U.S. commercial paper supply this week contracted as the rise in short term rates in recent weeks dampened issuance. The amount of outstanding CP fell by $12.5 bio over the previous week to an 11 -week low.

Interest rates on 3 mth CP issued by banks was 2.01%, levels last seen in 2008. The previous week’s  average was 1.99%. For non-banks, the average was 1.90% versus the previous week of 1.85%. The Libor -OIS widened to 50.65bp, a level not seen since 2012. At the end of 2017, it was 27.83bp.
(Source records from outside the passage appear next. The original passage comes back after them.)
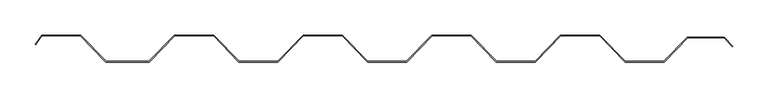
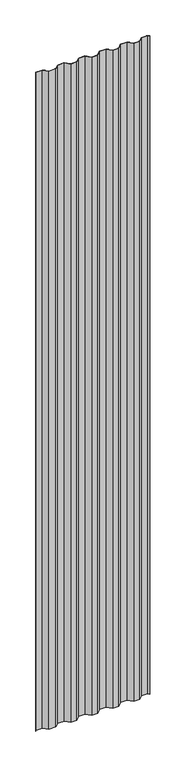
"""IFC4 building model written with IfcOpenShell, lengths in millimetres: proxy geometry, Generic Models 2:Generic Models 2:310765:Generic Models 2:310765 : Generic Models 2:Generic Models 2:310765:2 : Generic Models 2:Generic Models 2:310765:Generic Models 2:310765 : Generic Models 2:Generic Models 2:310765:300385."""

import ifcopenshell
import ifcopenshell.guid

model = None  # the IFC model being written
_history = None  # IfcOwnerHistory: only IFC2X3 demands one
_inside = {}  # id of a spatial element -> (the spatial element, [elements in it])
_under = {}  # id of a project, library or spatial element -> (it, [spatial elements below it])
_declared = {}  # id of a project -> (the project, [libraries it declares])
_typed = {}  # id of a type object -> (the type object, [elements of that type])
_made_of = {}  # id of a material, layer set ... -> (it, [elements and type objects made of it])


def new_model(schema):
    """Start an empty IFC model of exactly this schema.

    Asked for "IFC4X3", IfcOpenShell would pick the latest addendum, in which some entities
    have other attributes; the version numbers below select the first issue.
    IFC2X3 requires an IfcOwnerHistory on every rooted entity: one is made here for all.
    """
    global model, _history
    if schema == "IFC4X3":
        model = ifcopenshell.file(schema_version=(4, 3, 0, 0))
    else:
        model = ifcopenshell.file(schema=schema)
    _inside.clear()
    _under.clear()
    _declared.clear()
    _typed.clear()
    _made_of.clear()
    _history = None
    if model.schema == "IFC2X3":
        org = make("IfcOrganization", Name="unknown")
        user = make(
            "IfcPersonAndOrganization",
            ThePerson=make("IfcPerson", FamilyName="unknown"),
            TheOrganization=org,
        )
        app = make(
            "IfcApplication",
            ApplicationDeveloper=org,
            Version="unknown",
            ApplicationFullName="unknown",
            ApplicationIdentifier="unknown",
        )
        _history = make(
            "IfcOwnerHistory",
            OwningUser=user,
            OwningApplication=app,
            ChangeAction="ADDED",
            CreationDate=0,
        )
    return model


def make(cls, **values):
    """One entity of the class cls with the attributes given. An attribute that is None is left unset."""
    return model.create_entity(
        cls, **{name: value for name, value in values.items() if value is not None}
    )


def rooted(cls, **values):
    """An entity with a GlobalId (a new one), such as an element, a storey or a relation."""
    return make(cls, GlobalId=ifcopenshell.guid.new(), OwnerHistory=_history, **values)


def si_unit(unit_type, name, prefix=None):
    """IfcSIUnit, for example si_unit("LENGTHUNIT", "METRE", prefix="MILLI")."""
    return make("IfcSIUnit", UnitType=unit_type, Prefix=prefix, Name=name)


def assignment(units):
    """IfcUnitAssignment: the units of a project."""
    return None if units is None else make("IfcUnitAssignment", Units=units)


def point(xyz):
    """IfcCartesianPoint."""
    return None if xyz is None else make("IfcCartesianPoint", Coordinates=xyz)


def direction(xyz):
    """IfcDirection."""
    return None if xyz is None else make("IfcDirection", DirectionRatios=xyz)


def frame(location, z_axis=None, x_axis=None):
    """IfcAxis2Placement3D, a coordinate frame: its origin and axes. An axis left out is left unset."""
    return make(
        "IfcAxis2Placement3D",
        Location=point(location),
        Axis=direction(z_axis),
        RefDirection=direction(x_axis),
    )


def origin():
    """The frame at (0, 0, 0) with its axes left unset."""
    return frame((0.0, 0.0, 0.0))


def place(relative_to, where):
    """IfcLocalPlacement: puts the frame where relative to a parent placement (None: the world)."""
    return make(
        "IfcLocalPlacement", PlacementRelTo=relative_to, RelativePlacement=where
    )


def context(
    kind, dimensions, precision=None, world=None, true_north=None, identifier=None
):
    """IfcGeometricRepresentationContext, for example the 3D "Model" context."""
    return make(
        "IfcGeometricRepresentationContext",
        ContextIdentifier=identifier,
        ContextType=kind,
        CoordinateSpaceDimension=dimensions,
        Precision=precision,
        WorldCoordinateSystem=world,
        TrueNorth=true_north,
    )


def project(units=None, contexts=None):
    """IfcProject with its units and contexts."""
    return rooted(
        "IfcProject",
        Name="project",
        RepresentationContexts=contexts,
        UnitsInContext=assignment(units),
    )


def spatial(cls, under=None, at=None, **own):
    """A site, building, storey or space (cls), placed at a placement, below another one or the project."""
    s = rooted(cls, ObjectPlacement=at, **own)
    if under is not None:
        _under.setdefault(under.id(), (under, []))[1].append(s)
    return s


def polyline(points):
    """IfcPolyline through the points."""
    return make("IfcPolyline", Points=[point(p) for p in points])


def outline(outer, holes=None, kind="AREA"):
    """IfcArbitraryClosedProfileDef: a profile drawn as a closed curve; with holes, ...WithVoids."""
    if holes is None:
        return make("IfcArbitraryClosedProfileDef", ProfileType=kind, OuterCurve=outer)
    return make(
        "IfcArbitraryProfileDefWithVoids",
        ProfileType=kind,
        OuterCurve=outer,
        InnerCurves=holes,
    )


def extrude(swept, where, along, depth):
    """IfcExtrudedAreaSolid: the profile swept, set in the frame where, extruded along a direction by depth."""
    return make(
        "IfcExtrudedAreaSolid",
        SweptArea=swept,
        Position=where,
        ExtrudedDirection=direction(along),
        Depth=depth,
    )


def shape(context_of_items, identifier, shape_type, items):
    """IfcShapeRepresentation: the items that make up one representation, for example the "Body"."""
    return make(
        "IfcShapeRepresentation",
        ContextOfItems=context_of_items,
        RepresentationIdentifier=identifier,
        RepresentationType=shape_type,
        Items=items,
    )


def source(mapping_origin, context_of_items, identifier, shape_type, items):
    """IfcRepresentationMap: a shape defined once, which mapped items show again and again."""
    return make(
        "IfcRepresentationMap",
        MappingOrigin=mapping_origin,
        MappedRepresentation=shape(context_of_items, identifier, shape_type, items),
    )


def transform(
    local_origin,
    x_axis=None,
    y_axis=None,
    z_axis=None,
    scale=None,
    scale2=None,
    scale3=None,
    uniform=True,
):
    """IfcCartesianTransformationOperator3D, or its non-uniform kind. x_axis, y_axis, z_axis: its Axis1, 2, 3."""
    if uniform:
        return make(
            "IfcCartesianTransformationOperator3D",
            Axis1=direction(x_axis),
            Axis2=direction(y_axis),
            LocalOrigin=point(local_origin),
            Scale=scale,
            Axis3=direction(z_axis),
        )
    return make(
        "IfcCartesianTransformationOperator3DnonUniform",
        Axis1=direction(x_axis),
        Axis2=direction(y_axis),
        LocalOrigin=point(local_origin),
        Scale=scale,
        Axis3=direction(z_axis),
        Scale2=scale2,
        Scale3=scale3,
    )


def mapped(mapping_source, mapping_target):
    """IfcMappedItem: shows the shape of a source again, moved by a transform."""
    return make(
        "IfcMappedItem", MappingSource=mapping_source, MappingTarget=mapping_target
    )


def made_of(thing, what):
    """Note that an element or type object is made of a material, layer set ...; save() writes the relation."""
    if what is not None:
        _made_of.setdefault(what.id(), (what, []))[1].append(thing)
    return thing


def element(
    cls,
    number,
    at=None,
    inside=None,
    cuts=None,
    type_object=None,
    material=None,
    context=None,
    identifier="Body",
    shape_type=None,
    held_by="IfcProductDefinitionShape",
    body=None,
    shapes=None,
    **own,
):
    """One element of the class cls, such as IfcWall. Its Tag is "e" and its number.

    at: its placement. inside: the storey or other place that contains it. cuts: it is an
    opening in that element (IfcRelVoidsElement). A single representation is given by context,
    identifier, shape_type and body (its items); several are given by shapes. held_by: the class
    of the entity that holds the representations. save() writes the other relations.
    """
    e = rooted(cls, Tag="e%d" % number, ObjectPlacement=at, **own)
    if body is not None:
        shapes = [shape(context, identifier, shape_type, body)]
    if shapes is not None:
        e.Representation = make(held_by, Representations=shapes)
    if inside is not None:
        _inside.setdefault(inside.id(), (inside, []))[1].append(e)
    if cuts is not None:
        rooted(
            "IfcRelVoidsElement", RelatingBuildingElement=cuts, RelatedOpeningElement=e
        )
    if type_object is not None:
        _typed.setdefault(type_object.id(), (type_object, []))[1].append(e)
    return made_of(e, material)


def aggregate(whole, parts):
    """IfcRelAggregates: a whole, such as a stair, and the parts it consists of."""
    return rooted("IfcRelAggregates", RelatingObject=whole, RelatedObjects=parts)


def save(model, path):
    """Write the relations noted so far, then the file.

    IfcRelAggregates (storeys below a building ...), IfcRelContainedInSpatialStructure (elements
    in a storey), IfcRelDefinesByType, IfcRelAssociatesMaterial and IfcRelDeclares: one each for
    every whole, place, type object, material and project.
    """
    for whole, parts in _under.values():
        aggregate(whole, parts)
    for where, things in _inside.values():
        rooted(
            "IfcRelContainedInSpatialStructure",
            RelatedElements=things,
            RelatingStructure=where,
        )
    for kind, things in _typed.values():
        rooted("IfcRelDefinesByType", RelatedObjects=things, RelatingType=kind)
    for what, things in _made_of.values():
        rooted("IfcRelAssociatesMaterial", RelatedObjects=things, RelatingMaterial=what)
    for by, libraries in _declared.values():
        rooted("IfcRelDeclares", RelatingContext=by, RelatedDefinitions=libraries)
    model.write(path)


def generic_models_22e34f16(model_context):
    return source(origin(), model_context, "Body", "SweptSolid", [
        extrude(outline(polyline([(593719.8809779, -536496.5394986), (593731.7367242, -536509.6475696), (593731.1747524, -536510.2095414), (593719.5286406, -536497.3332486), (593667.6222866, -536497.3332486), (593633.9903018, -536531.8913358), (593578.8107419, -536531.8913358), (593542.6485503, -536494.5850858), (593487.2734246, -536494.5850858), (593451.111233, -536531.8913358), (593395.9307419, -536531.8913358), (593359.7685503, -536494.5850858), (593304.3934246, -536494.5850858), (593268.231233, -536531.8913358), (593213.0507419, -536531.8913358), (593176.8885503, -536494.5850858), (593121.5134246, -536494.5850858), (593085.351233, -536531.8913358), (593030.1707419, -536531.8913358), (592994.0085503, -536494.5850858), (592938.6334246, -536494.5850858), (592902.471233, -536531.8913358), (592840.9407419, -536531.8913358), (592804.7785503, -536494.5850858), (592750.2499875, -536494.5850858), (592741.3086193, -536507.3546831), (592740.6584173, -536506.8994068), (592749.8367875, -536493.7913358), (592805.1145958, -536493.7913358), (592841.2767875, -536531.0975858), (592902.1351875, -536531.0975858), (592938.2973791, -536493.7913358), (592994.3445958, -536493.7913358), (593030.5067875, -536531.0975858), (593085.0151875, -536531.0975858), (593121.1773791, -536493.7913358), (593177.2245958, -536493.7913358), (593213.3867875, -536531.0975858), (593267.8951875, -536531.0975858), (593304.0573791, -536493.7913358), (593360.1045958, -536493.7913358), (593396.2667875, -536531.0975858), (593450.7751875, -536531.0975858), (593486.9373791, -536493.7913358), (593542.9845958, -536493.7913358), (593579.1467875, -536531.0975858), (593633.6551875, -536531.0975858), (593667.2871722, -536496.5394986), (593719.8809779, -536496.5394986)])), frame((0.0, 0.0, 2495.55), z_axis=(0.0, 0.0, 1.0), x_axis=(1.0, 0.0, 0.0)), (0.0, 0.0, 1.0), 6069.2190068),
    ])


if __name__ == "__main__":
    model = new_model("IFC4")
    model_context = context("Model", 3, world=origin())
    ifc_project = project(units=[si_unit("LENGTHUNIT", "METRE", prefix="MILLI")], contexts=[model_context])
    site = spatial("IfcSite", under=ifc_project)
    building = spatial("IfcBuilding", under=site)
    placement = place(None, origin())
    generic_models_shape = generic_models_22e34f16(model_context)
    element("IfcBuildingElementProxy", 1, Name="Generic Models 2:Generic Models 2:310765:Generic Models 2:310765 : Generic Models 2:Generic Models 2:310765:2 : Generic Models 2:Generic Models 2:310765:Generic Models 2:310765 : Generic Models 2:Generic Models 2:310765:300385", ObjectType="Generic Models 2:Generic Models 2:310765:Generic Models 2:310765 : Generic Models 2:Generic Models 2:310765:2 : Generic Models 2:Generic Models 2:310765:Generic Models 2:310765 : Generic Models 2:Generic Models 2:310765:300385", at=placement, inside=building, context=model_context, shape_type="MappedRepresentation", body=[
        mapped(generic_models_shape, transform((0.0, 0.0, 0.0), x_axis=(1.0, 0.0, 0.0), y_axis=(0.0, 1.0, 0.0), z_axis=(0.0, 0.0, 1.0))),
    ])
    save(model, "model.ifc")

# Revit data of these elements
# Type "Generic Models 2:Generic Models 2:310765:Generic Models 2:310765 : Generic Models 2:Generic Models 2:310765:2 : Generic Models 2:Generic Models 2:310765:Generic Models 2:310765 : Generic Models 2:Generic Models 2:310765:300385"
#   NameOverride = "Generic Models 2:Generic Models 2:310765:Generic Models 2:310765 : Generic Models 2:Generic Models 2:310765:300385"
#   ObjectTypeOverride = "Generic Models 2:310765 : Generic Models 2:Generic Models 2:310765"
#   Reference = "Generic Models 2"
#   Tag = "300385"
# Element 1 (IfcBuildingElementProxy, "Generic Models 2:Generic Models 2:310765:Generic Models 2:310765 : Generic Models 2:Generic Models 2:310765:2 : Generic Models 2:Generic Models 2:310765:Generic Models 2:310765 : Generic Models 2:Generic Models 2:310765:300385")
#   Materials on its faces: "VERTICAL CORRUGATED METAL PANEL - EXPOSED FASTENERS - (MBCI 7.2 PANEL)"
# Materials
#   "VERTICAL CORRUGATED METAL PANEL - EXPOSED FASTENERS - (MBCI 7.2 PANEL)": class "Generic", colour RGB 120 120 120, transparency 0, Cost = 0

The Libor-OIS spread is seen as a gauge of stress in money markets

Ahead of the Fed’s meeting next week, markets are somewhat twitchy. The equity market volumes are down. The expectation is that the Fed will hike next week.  However, markets will have to look to economic data to determine the economic strength before making any key decisions. The market feels as if it is running an each way bet, with investors undecided whether they are taking risk off or wish to put risk on.


Equities: The S&P 500 rose 0.47 %. The Dow fell 0.08% and the Stoxx 600 rose 0.5%. The Vix closed at 16.59

Currencies: The Bloomberg Dollar Spot Index gained 0.5%. The euro fell 0.5%.

Bonds: The ten-year closed around at 2.83%. The 2-year closed at 2.287% and the 30-year closed at 3.058%. The ten-year bund closed at 0.574 and the UK gilt closed at 1.438% and the OAT closed at 0.822%. The U.S. curve closed 2/10 at 54.1 bp, 2/30 at 77.1 bp and the 10/30, closed at 22.8 bp. The U.S. 5-year closed at 2.627.

Commodities: The WTI rose 0.4% gold fell 0.7%, copper fell 1%.

Bitcoin is trading around $8,267.

Aussie Market Today.

The Aussie equity market will be a little confused on the day. I expect some gains over the course of the day however as we move into the afternoon session I expect further selling as the risks of uncertainty are rising.

Bonds should be steady on the day. With uncertainty rising, the risk off trade on balance appears to be the favoured trade.